When one uses tumour enlargement as a criterion for predicting behaviour, accuracy in tumour measurement is necessary to document significant growth with confidence. A previous study by Punnen et al. , showed measurements of 29 renal masses <4 cm in 21 patients to vary by 3.1 mm for multiple readers and 2.3 mm for a single reader. By contrast, the tumour measurements in the present study were remarkably similar between the two subspecialty radiologists, suggesting that growth may be reliably documented using standard technique on clinical workstations. The present study suggests that growth, even as low as the 2–3 mm/year seen in small renal masses, may be reproducibly documented.

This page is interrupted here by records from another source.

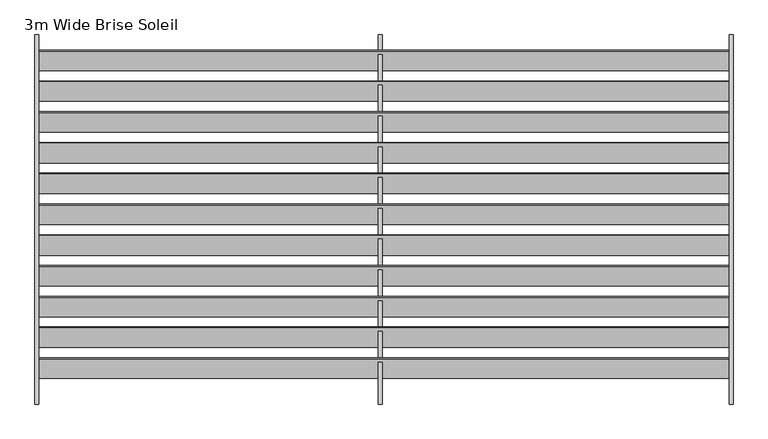
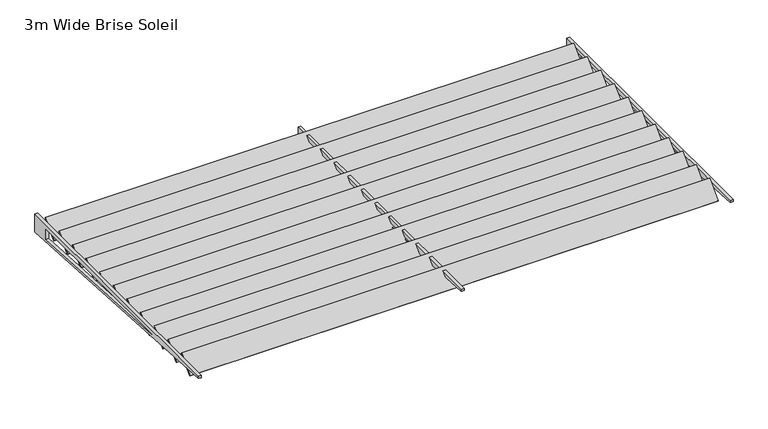
"""IFC4 building model written with IfcOpenShell, lengths in millimetres: railing geometry, 3m Wide Brise Soleil."""

from ifc_helpers import new_model, si_unit, frame, origin, place, context, project, spatial, polyline, outline, extrude, source, transform, mapped, element, save


def railing_3m_wide_brise_soleil_33fbfd34(model_context):
    return source(origin(), model_context, "Body", "SweptSolid", [
        extrude(outline(polyline([(0.0, -10.0), (0.0, 0.0), (5596.1382149, 0.0), (5596.1382149, -10.0), (0.0, -10.0)])), frame((4426.8341559, -31953.9338219, -139.965894), z_axis=(0.0, 0.7071067811931987, 0.7071067811798963), x_axis=(1.0, 0.0, 0.0)), (0.0, 0.0, 1.0), 225.0),
        extrude(outline(polyline([(0.0, -10.0), (0.0, 0.0), (5596.1382149, 0.0), (5596.1382149, -10.0), (0.0, -10.0)])), frame((4426.8341559, -31703.9338219, -139.965894), z_axis=(0.0, 0.7071067811931987, 0.7071067811798963), x_axis=(1.0, 0.0, 0.0)), (0.0, 0.0, 1.0), 225.0),
        extrude(outline(polyline([(0.0, -10.0), (0.0, 0.0), (5596.1382149, 0.0), (5596.1382149, -10.0), (0.0, -10.0)])), frame((4426.8341559, -31453.9338219, -139.965894), z_axis=(0.0, 0.7071067811931987, 0.7071067811798963), x_axis=(1.0, 0.0, 0.0)), (0.0, 0.0, 1.0), 225.0),
        extrude(outline(polyline([(0.0, -10.0), (0.0, 0.0), (5596.1382149, 0.0), (5596.1382149, -10.0), (0.0, -10.0)])), frame((4426.8341559, -31203.9338219, -139.965894), z_axis=(0.0, 0.7071067811931987, 0.7071067811798963), x_axis=(1.0, 0.0, 0.0)), (0.0, 0.0, 1.0), 225.0),
        extrude(outline(polyline([(0.0, -10.0), (0.0, 0.0), (5596.1382149, 0.0), (5596.1382149, -10.0), (0.0, -10.0)])), frame((4426.8341559, -30953.9338219, -139.965894), z_axis=(0.0, 0.7071067811931987, 0.7071067811798963), x_axis=(1.0, 0.0, 0.0)), (0.0, 0.0, 1.0), 225.0),
        extrude(outline(polyline([(0.0, -10.0), (0.0, 0.0), (5596.1382149, 0.0), (5596.1382149, -10.0), (0.0, -10.0)])), frame((4426.8341559, -30703.9338219, -139.965894), z_axis=(0.0, 0.7071067811931987, 0.7071067811798963), x_axis=(1.0, 0.0, 0.0)), (0.0, 0.0, 1.0), 225.0),
        extrude(outline(polyline([(0.0, -10.0), (0.0, 0.0), (5596.1382149, 0.0), (5596.1382149, -10.0), (0.0, -10.0)])), frame((4426.8341559, -30453.9338219, -139.965894), z_axis=(0.0, 0.7071067811931987, 0.7071067811798963), x_axis=(1.0, 0.0, 0.0)), (0.0, 0.0, 1.0), 225.0),
        extrude(outline(polyline([(0.0, -10.0), (0.0, 0.0), (5596.1382149, 0.0), (5596.1382149, -10.0), (0.0, -10.0)])), frame((4426.8341559, -30203.9338219, -139.965894), z_axis=(0.0, 0.7071067811931987, 0.7071067811798963), x_axis=(1.0, 0.0, 0.0)), (0.0, 0.0, 1.0), 225.0),
        extrude(outline(polyline([(0.0, -10.0), (0.0, 0.0), (5596.1382149, 0.0), (5596.1382149, -10.0), (0.0, -10.0)])), frame((4426.8341559, -29953.9338219, -139.965894), z_axis=(0.0, 0.7071067811931987, 0.7071067811798963), x_axis=(1.0, 0.0, 0.0)), (0.0, 0.0, 1.0), 225.0),
        extrude(outline(polyline([(0.0, -10.0), (0.0, 0.0), (5596.1382149, 0.0), (5596.1382149, -10.0), (0.0, -10.0)])), frame((4426.8341559, -29703.9338219, -139.965894), z_axis=(0.0, 0.7071067811931987, 0.7071067811798963), x_axis=(1.0, 0.0, 0.0)), (0.0, 0.0, 1.0), 225.0),
        extrude(outline(polyline([(0.0, -10.0), (0.0, 0.0), (5596.1382149, 0.0), (5596.1382149, -10.0), (0.0, -10.0)])), frame((4426.8341559, -29453.9338219, -139.965894), z_axis=(0.0, 0.7071067811931987, 0.7071067811798963), x_axis=(1.0, 0.0, 0.0)), (0.0, 0.0, 1.0), 225.0),
        extrude(outline(polyline([(-32170.7240302, 0.0), (-29170.7240302, 0.0), (-29170.7240302, -200.0), (-32170.7240302, -25.0), (-32170.7240302, 0.0)]), holes=[polyline([(-29370.7240302, -163.2908347), (-29370.7240302, -50.0), (-31312.8526257, -50.0), (-29370.7240302, -163.2908347)])]), frame((7179.0414006, 0.0, 0.0), z_axis=(1.0, 0.0, 0.0), x_axis=(0.0, 1.0, 0.0)), (0.0, 0.0, 1.0), 30.0),
        extrude(outline(polyline([(-32170.7240302, 0.0), (-29170.7240302, 0.0), (-29170.7240302, -200.0), (-32170.7240302, -25.0), (-32170.7240302, 0.0)]), holes=[polyline([(-29370.7240302, -163.2908347), (-29370.7240302, -50.0), (-31312.8526257, -50.0), (-29370.7240302, -163.2908347)])]), frame((10027.110508, 0.0, 0.0), z_axis=(1.0, 0.0, 0.0), x_axis=(0.0, 1.0, 0.0)), (0.0, 0.0, 1.0), 30.0),
        extrude(outline(polyline([(-32170.7240302, 0.0), (-29170.7240302, 0.0), (-29170.7240302, -200.0), (-32170.7240302, -25.0), (-32170.7240302, 0.0)]), holes=[polyline([(-29370.7240302, -163.2908347), (-29370.7240302, -50.0), (-31312.8526257, -50.0), (-29370.7240302, -163.2908347)])]), frame((4390.9722932, 0.0, 0.0), z_axis=(1.0, 0.0, 0.0), x_axis=(0.0, 1.0, 0.0)), (0.0, 0.0, 1.0), 30.0),
    ])


if __name__ == "__main__":
    model = new_model("IFC4")
    model_context = context("Model", 3, world=origin())
    ifc_project = project(units=[si_unit("LENGTHUNIT", "METRE", prefix="MILLI")], contexts=[model_context])
    site = spatial("IfcSite", under=ifc_project)
    building = spatial("IfcBuilding", under=site)
    placement = place(None, origin())
    railing_3m_wide_brise_soleil_shape = railing_3m_wide_brise_soleil_33fbfd34(model_context)
    element("IfcRailing", 1, ObjectType="3m Wide Brise Soleil", at=placement, inside=building, context=model_context, shape_type="MappedRepresentation", body=[
        mapped(railing_3m_wide_brise_soleil_shape, transform((0.0, 0.0, 0.0), x_axis=(1.0, 0.0, 0.0), y_axis=(0.0, 1.0, 0.0), z_axis=(0.0, 0.0, 1.0))),
    ])
    save(model, "model.ifc")

# Revit data of these elements
# Element 1 (IfcRailing, "3m Wide Brise Soleil")
#   Materials on its faces: "Metal - Aluminium", "Metal - Steel"
# Materials
#   "Metal - Aluminium": class "Unassigned", colour RGB 247 247 247, transparency 0
#   "Metal - Steel": class "Unassigned", colour RGB 199 199 199, transparency 0

Several limitations of the present study should be noted. First, the CT scans used for tumour measurement were performed with variable imaging techniques, including variations in scanner detector number, slice thickness and timing of the contrast bolus. Such technical differences could account for some perceived change in size based on imaging in the absence of actual tumour enlargement. Likewise, these differences could account for the few cases of negative growth. While the heterogeneity of CT scans may limit the precision of the measurements, the miniscule interobserver variability is encouraging. Moreover, the variability in CT scan parameters match that faced in clinical practice during active surveillance. Second, percutaneous biopsy, which was used to diagnose the oncocytomas treated by percutaneous ablation, is subject to sampling error with one study showing RCC ultimately existing in 18% of tumours that were shown to be oncocytomas on percutaneous biopsy and another series of 138 patients with oncocytoma at our institution finding that 10% of oncocytomas had coexisting RCC [21,22]. Therefore, at our institution, percutaneous needle biopsy is frequently followed by the ablation procedure at the same session. Finally, and implicit in any study investigating tumour growth with pathological proof, is the selection bias towards tumours that were managed in an active vs passive fashion. One could hypothesize that potential oncocytomas may have been observed but without growth, pathology was never confirmed. Thus, our results could potentially overestimate the growth rate of oncocytomas generally. However, this seems unlikely as the growth rates in the present study are similar to those observed in small renal masses without pathological proof and selected small pools of oncocytomas in previous series studying the natural history of small renal masses.
In conclusion, among renal masses treated either with percutaneous thermal ablation or surgically, oncocytomas grow at a rate similar to reported growth rates of RCC. Thus, renal mass growth alone cannot be used to predict malignancy. Whether the presence of growth itself or some growth threshold should prompt intervention during active surveillance requires further study.